Every birth is a miracle, but Louis XIV’s spectacularly surprising arrival was taken by the court as proof of divine intervention. Finally, by the grace of God, there was an heir! He was a miracle son, the Sun King, raised by a single mother, and also God’s avatar on earth, here to rule us all. A hall of mirrors was only fitting. Light demands to be reflected. Rivers demand to be polluted. Factories demand to open and employ and close and lay off. I demand to be pregnant in the next six years even though it feels like that should be against the rules.

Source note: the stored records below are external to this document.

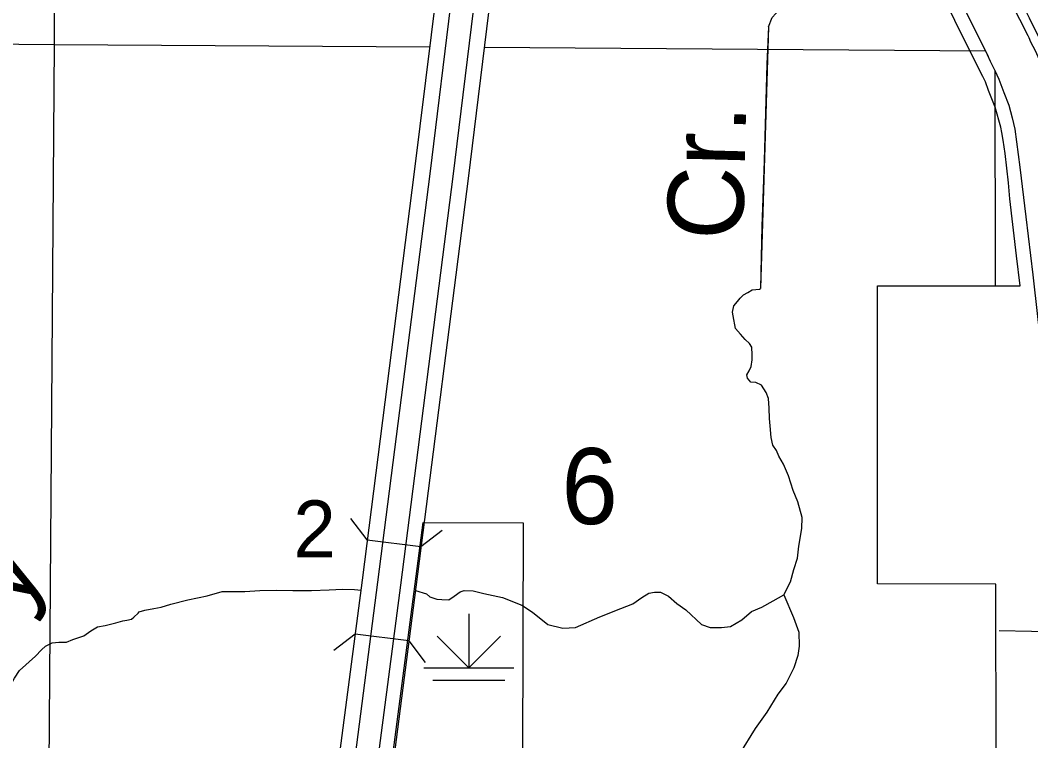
# Model space of a CAD drawing. Extents: x 813775 to 1157140, y 1757555 to 1979907.
# Drawn here: x 985663 to 996904, y 1867821 to 1875834 of the extents above; entities that cross this region are included whole.
import ezdxf

# ---------------------------------------------------------------- set-up
doc = ezdxf.new("R2010")
doc.units = 0
for name, color, linetype in [('Level 15', 7, 'Continuous'), ('Level 19', 7, 'Continuous'), ('Level 33', 7, 'Continuous'), ('Level 35', 7, 'Continuous'), ('Level 37', 7, 'Continuous'), ('Level 39', 7, 'Continuous'), ('Level 4', 7, 'Continuous'), ('Level 44', 7, 'Continuous'), ('Level 5', 7, 'Continuous'), ('Level 6', 7, 'Continuous')]:
    doc.layers.add(name, color=color, linetype=linetype)

msp = doc.modelspace()

# ---------------------------------------------------------------- linework, layer by layer
at = {"layer": 'Level 15'}
msp.add_line((996886, 1875640), (996876, 1875661), dxfattribs=at)
for points in [[(996876, 1875661), (996602, 1876202), (996293, 1876832), (996001, 1877414), (995872, 1877661), (995770, 1877838), (995694, 1877957), (995608, 1878096), (995499, 1878255)], [(995087, 1877972), (995189, 1877823), (995271, 1877690), (995343, 1877578), (995433, 1877421), (995556, 1877186), (995845, 1876609), (996155, 1875979), (996430, 1875435)], [(997598, 1871520), (997478, 1872597), (997423, 1873061), (997346, 1873706), (997280, 1874265), (997242, 1874546), (997221, 1874716), (997181, 1874875), (997136, 1875046), (997071, 1875212), (997012, 1875368), (996956, 1875494), (996906, 1875589), (996886, 1875640)], [(996421, 1875455), (996452, 1875379), (996506, 1875276), (996549, 1875178), (996605, 1875032), (996660, 1874891), (996697, 1874750), (996728, 1874624), (996746, 1874482), (996784, 1874202), (996850, 1873648), (996926, 1873002), (996981, 1872540), (997101, 1871464)]]:
    msp.add_lwpolyline(points, dxfattribs=at)
at = {"layer": 'Level 19'}
for points in [[(991442, 1880460), (991386, 1879966), (991296, 1879228), (991097, 1877752), (990986, 1876852), (990895, 1876107), (990645, 1874074)], [(990477, 1874095), (990726, 1876128), (990817, 1876873), (990928, 1877774), (991127, 1879250), (991218, 1879986), (991263, 1880387)], [(990987, 1880262), (990959, 1880017), (990869, 1879283), (990671, 1877807), (990559, 1876905), (990468, 1876161), (990219, 1874128)], [(990050, 1874150), (990300, 1876183), (990390, 1876926), (990502, 1877829), (990701, 1879305), (990791, 1880037), (990808, 1880188)], [(993986, 1875760), (993970, 1875344), (993938, 1874269), (993914, 1873546), (993897, 1872851)], [(989469, 1869607), (990050, 1874150)], [(990219, 1874128), (989637, 1869585)], [(989895, 1869552), (990477, 1874095)], [(990645, 1874074), (990064, 1869530)], [(989204, 1867569), (989469, 1869607)], [(989637, 1869585), (989373, 1867548)], [(989631, 1867514), (989895, 1869552)], [(990064, 1869530), (989799, 1867492)]]:
    msp.add_lwpolyline(points, dxfattribs=at)
at = {"layer": 'Level 33'}
msp.add_lwpolyline([(997385, 1869026), (997233, 1869029), (996911, 1869036), (996554, 1869044)], dxfattribs=at)
at = {"layer": 'Level 35'}
for points in [[(993986, 1875760), (994026, 1875865), (994151, 1875998), (994358, 1876226), (994469, 1876378), (994591, 1876625), (994637, 1876777), (994668, 1877000), (994679, 1877229), (994676, 1877377), (994663, 1877491)], [(993986, 1875760), (993897, 1872851)], [(993909, 1871776), (993845, 1871804), (993792, 1871809), (993752, 1871855), (993744, 1871892), (993771, 1871937), (993795, 1871982), (993805, 1872059), (993805, 1872115), (993803, 1872198), (993776, 1872240), (993726, 1872283), (993675, 1872344), (993619, 1872405), (993593, 1872546), (993585, 1872586), (993601, 1872657), (993643, 1872708), (993673, 1872745), (993707, 1872780), (993758, 1872806), (993805, 1872838), (993885, 1872843), (993897, 1872851)], [(994209, 1870766), (994153, 1870899), (994103, 1870987), (994074, 1871048), (994034, 1871109), (994018, 1871194), (994005, 1871325), (993999, 1871404), (993994, 1871521), (993986, 1871628), (993959, 1871694), (993909, 1871776)], [(994037, 1869378), (994156, 1869444), (994230, 1869588), (994270, 1869726), (994310, 1869851), (994326, 1869987), (994358, 1870183), (994360, 1870303), (994313, 1870478), (994262, 1870603), (994209, 1870766)], [(987527, 1869390), (987742, 1869432), (987910, 1869483), (988040, 1869480), (988162, 1869483), (988327, 1869493), (988510, 1869496), (988696, 1869491)], [(988696, 1869491), (988902, 1869491), (989101, 1869501), (989248, 1869509), (989383, 1869504), (989455, 1869497)], [(990059, 1869491), (990184, 1869456), (990221, 1869421), (990298, 1869397), (990352, 1869392), (990431, 1869389), (990490, 1869429), (990556, 1869479), (990601, 1869493), (990702, 1869490), (990819, 1869461), (991026, 1869416), (991244, 1869331), (991361, 1869251)], [(991361, 1869251), (991533, 1869113), (991697, 1869075), (991838, 1869081), (992112, 1869198), (992345, 1869291), (992478, 1869344), (992579, 1869413), (992656, 1869464), (992720, 1869474), (992786, 1869474), (992876, 1869429), (992967, 1869347), (993068, 1869277)], [(994156, 1869444), (994265, 1869191), (994323, 1869031), (994328, 1868872), (994313, 1868771), (994270, 1868632), (994185, 1868462), (994089, 1868340), (993967, 1868138), (993840, 1867957), (993665, 1867675), (993500, 1867378), (993468, 1867271), (993441, 1867165), (993457, 1867069), (993489, 1866984)], [(985834, 1868761), (985900, 1868831), (985945, 1868874), (986019, 1868911), (986091, 1868919), (986176, 1868919), (986248, 1868948), (986372, 1868988), (986447, 1869044), (986524, 1869089), (986609, 1869105), (986726, 1869132), (986803, 1869156), (986850, 1869164), (986901, 1869172), (986927, 1869196), (986973, 1869241), (986986, 1869254), (987049, 1869273), (987150, 1869291), (987230, 1869307), (987339, 1869339), (987527, 1869390)], [(993068, 1869277), (993243, 1869113), (993338, 1869081), (993463, 1869081), (993564, 1869094), (993689, 1869166), (993798, 1869259), (993912, 1869309), (994037, 1869378)], [(985186, 1867853), (985273, 1867894), (985345, 1867950), (985406, 1868056), (985438, 1868099), (985457, 1868189), (985473, 1868287), (985523, 1868383), (985600, 1868516), (985656, 1868604), (985834, 1868761)]]:
    msp.add_lwpolyline(points, dxfattribs=at)
at = {"layer": 'Level 39'}
for p, q in [((989524, 1870057), (989341, 1870294)), ((990119, 1869980), (990357, 1870163)), ((989524, 1870057), (990119, 1869980)), ((989390, 1869008), (989152, 1868824)), ((989985, 1868931), (989390, 1869008)), ((989985, 1868931), (990168, 1868693))]:
    msp.add_line(p, q, dxfattribs=at)
at = {"layer": 'Level 4'}
for points in [[(986039, 1876402), (986040, 1875566)], [(985250, 1875572), (986040, 1875566)], [(986040, 1875566), (985961, 1865019)], [(986040, 1875566), (990220, 1875537)], [(990824, 1875533), (996400, 1875494)]]:
    msp.add_lwpolyline(points, dxfattribs=at)
at = {"layer": 'Level 44'}
for p, q in [((990654, 1869232), (990654, 1868632)), ((990654, 1868632), (990300, 1868985)), ((990654, 1868632), (991007, 1868985)), ((990154, 1868632), (991154, 1868632)), ((990254, 1868495), (991054, 1868495))]:
    msp.add_line(p, q, dxfattribs=at)
at = {"layer": 'Level 5'}
msp.add_lwpolyline([(996505, 1875278), (996509, 1872882)], dxfattribs=at)
at = {"layer": 'Level 6'}
for points in [[(993980, 1880709), (994288, 1880245), (994696, 1879637), (995113, 1879007), (995541, 1878368), (995702, 1878134), (995792, 1877988), (995899, 1877819), (995950, 1877724), (996093, 1877459), (996221, 1877204), (996260, 1877128), (996581, 1876473), (996885, 1875860), (997049, 1875532)], [(996786, 1872879), (996747, 1873213), (996673, 1873847), (996657, 1874026), (996618, 1874351), (996596, 1874501), (996582, 1874586), (996570, 1874644), (996509, 1874866), (996435, 1875054), (996399, 1875148), (996372, 1875207), (996213, 1875525), (995907, 1876141)], [(996508, 1864862), (996524, 1864862), (996522, 1866205), (993884, 1866211), (993884, 1867022), (995463, 1867019), (995463, 1867615), (996519, 1867613), (996515, 1869564), (995200, 1869566), (995200, 1870238), (995198, 1872879), (996509, 1872882), (996786, 1872879)], [(988398, 1859129), (988509, 1859570), (988587, 1859570), (988690, 1859956), (988781, 1860346), (988977, 1861523), (989103, 1862224), (989445, 1864877), (990146, 1870247), (991257, 1870245), (991242, 1865051)]]:
    msp.add_lwpolyline(points, dxfattribs=at)

# ---------------------------------------------------------------- texts
at = {"layer": 'Level 35'}
for s, rotation, p in [('Cr.', 88.494, (993700, 1873383)), ('Caney', 58.5196, (984242, 1866943))]:
    msp.add_text(s, height=844.8, rotation=rotation, dxfattribs=at).set_placement(p)
at = {"layer": 'Level 37'}
msp.add_text('2', height=634, dxfattribs=at).set_placement((988701, 1869860))
at = {"layer": 'Level 5'}
msp.add_text('6', height=845, dxfattribs=at).set_placement((991683, 1870231))

doc.saveas('drawing.dxf')

Hailey can’t bring her slime collection to school. I can’t have a baby yet. If you sell PFOA to first-years you will be expelled. Thomas’s mom cannot take Easter off. I cannot bite his fingernails off. Carson can only have two chocolate milks. Milk must be pasteurized. Caleb can’t put tuna in his backpack. Tuna must be tested for mercury. Flavored JUUL™ pods can no longer be sold. In the library we have to be quiet. Shhhhhhhhhhhhhh. Don’t stick your tongue out! No running in the halls! On a field trip, you must stay with the group! On a field trip, you must follow the rules! Rules are rules for a reason! I understand this, but who gets to make the rules? Whose reason is it anyways? When Hailey yells, “Why? Why? Why?” I want to join in. Why do kings get to build palaces while the people starve? Why is no one punished when rivers get filled with plastic? Why did I get to eat Nutella on a field trip to Paris while these kids have to stuff tuna sandwiches in their bags because they don’t have food at home? Why did I have to write a sentence so on the nose? Why is there a college built on this hill? Shouldn’t there be rules to ensure food access and a clear clean river and time to clip your child’s nails? Yes, but no because existing rules exist to control and exploit and protect the interests of a select few in their Nutella-filled halls of mirrors. Breaking the rules is the only hope we have, so if Landon wants to throw pretzels and Hailey wants to play with slime and Thomas wants to sit in my lap I might as well let it happen. We’re all in trouble and we always were. I’m ready to say sorry. I am so, so sorry.